Unilateral Board Actions: For established public companies, ISS will continue its policy of generally recommending that shareholders withhold votes (in uncontested elections) from directors who have unilaterally adopted a classified board structure, implemented supermajority vote requirements to amend the bylaws or charter or otherwise adopted charter or bylaw amendments that diminish the rights of shareholders. The negative recommendation would continue in subsequent years until the unilateral action is reversed or approved by stockholders. For newly public companies that have taken action to diminish shareholder rights prior to or in connection with an IPO, directors may be subject to negative vote recommendations under the updated policy, determined on a case-by-case basis (with significant weight given to shareholders’ ability to change the governance structure in the future through a simple majority vote and their ability to hold directors accountable through annual director elections).

Compensation of Externally Managed Issuers: The updated “Problematic Pay Practice” policy provides that an externally managed issuer’s failure to provide sufficient disclosure for shareholders to reasonably assess the compensation practices and payments made to executive officers on the part of the external manager will be deemed a problematic pay practice, and will generally warrant a recommendation to vote against the issuer’s “say-on-pay” proposal.

For a complete overview of the 2016 updates to ISS’s proxy voting guidelines, click here.

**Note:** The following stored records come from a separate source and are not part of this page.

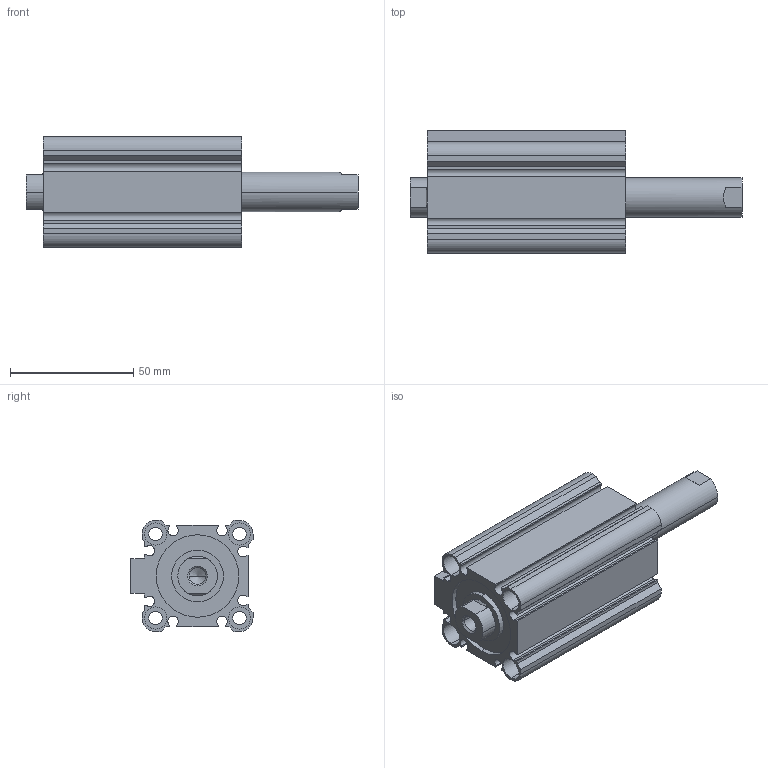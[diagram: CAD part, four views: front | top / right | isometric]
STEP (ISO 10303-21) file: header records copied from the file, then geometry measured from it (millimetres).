
FILE_DESCRIPTION (( 'STEP AP203' ), '1' );
FILE_NAME ('CCMB32-40F-P.STEP', '2020-08-05T11:15:25', ( '' ), ( '' ), 'SwSTEP 2.0', 'SolidWorks 2019', '' );
FILE_SCHEMA (( 'CONFIG_CONTROL_DESIGN' ));
Length unit declared in the file: millimetre
Products named in the file (1): CCMB32-40F-P
Bounding box: 134.5 x 49.5 x 45 mm (x, y, z)
Volume: 115071.3 mm3; surface area: 48696.1 mm2
Topology: 2 solids, 2 shells, 164 faces, 414 edges, 270 vertices
Faces by surface type: plane 78, cylinder 74, cone 12
Entity records: 5029 total; most frequent: DIRECTION 896, CARTESIAN_POINT 857, ORIENTED_EDGE 820, EDGE_CURVE 410, AXIS2_PLACEMENT_3D 325, VERTEX_POINT 270, LINE 246, VECTOR 246

ISS also recently updated both its Equity Plan Scorecard frequently asked questions (FAQs) and QuickScore 3.0. The updated 2016 US Equity Plan Scorecard FAQs, effective for meetings on or after February 1, 2016, can be found here, and QuickScore 3.0 can be found here.

Glass Lewis

Significant policy updates to Glass Lewis’s 2016 proxy season guidelines include:

Conflicting Management and Shareholder Proposals: Going forward, Glass Lewis will consider the following factors when it is analyzing and determining whether to support conflicting management and shareholder proposals: (1) the nature of the underlying issue; (2) the benefit to the shareholders from implementation of the proposal; (3) the materiality of the differences between the management and shareholder proposals; (4) the appropriateness of the provisions in light of the company’s shareholder base, corporate structure and other relevant circumstances; and (5) a company’s overall governance profile and, specifically, its responsiveness to previous shareholder proposals and its adoption of “progressive” shareholder rights provisions.

Exclusive Forum Provisions: Glass Lewis will no longer automatically recommend a “withhold” vote against the chairman of the nominating and corporate governance committee of a company that adopts exclusive forum provisions in connection with its initial public offering. Instead Glass Lewis will weigh exclusive forum provisions in a newly public company’s governing documents with other provisions that Glass Lewis believes unduly limit shareholder rights (e.g., supermajority vote requirements, classified board and/or a fee shifting bylaw). Glass Lewis will continue, however, to recommend voting against the chairman of the nominating and corporate governance committee when a company adopts an exclusive forum provision without shareholder approval outside of an IPO, merger or spin-off.

Nominating Committee Performance: Glass Lewis may consider recommending shareholders vote against the chair of the nominating committee where the board’s failure to ensure the board has directors with relevant experience––either through periodic director assessment or board refreshment––has contributed to a company’s poor performance. Notably, Glass Lewis does not define “poor performance.”

Overboarding: Beginning in 2017, consistent with ISS’s policy update described above, Glass Lewis will generally recommend voting against (1) any director who serves on more than five public company boards and (2) any executive officer of a public company who serves on a total of more than two public company boards. Like ISS, during 2016, Glass Lewis may note a concern where a director serves on (x) more than five total boards for directors who are not also executives, and (y) more than two boards for a director who serves as an executive officer of a public company.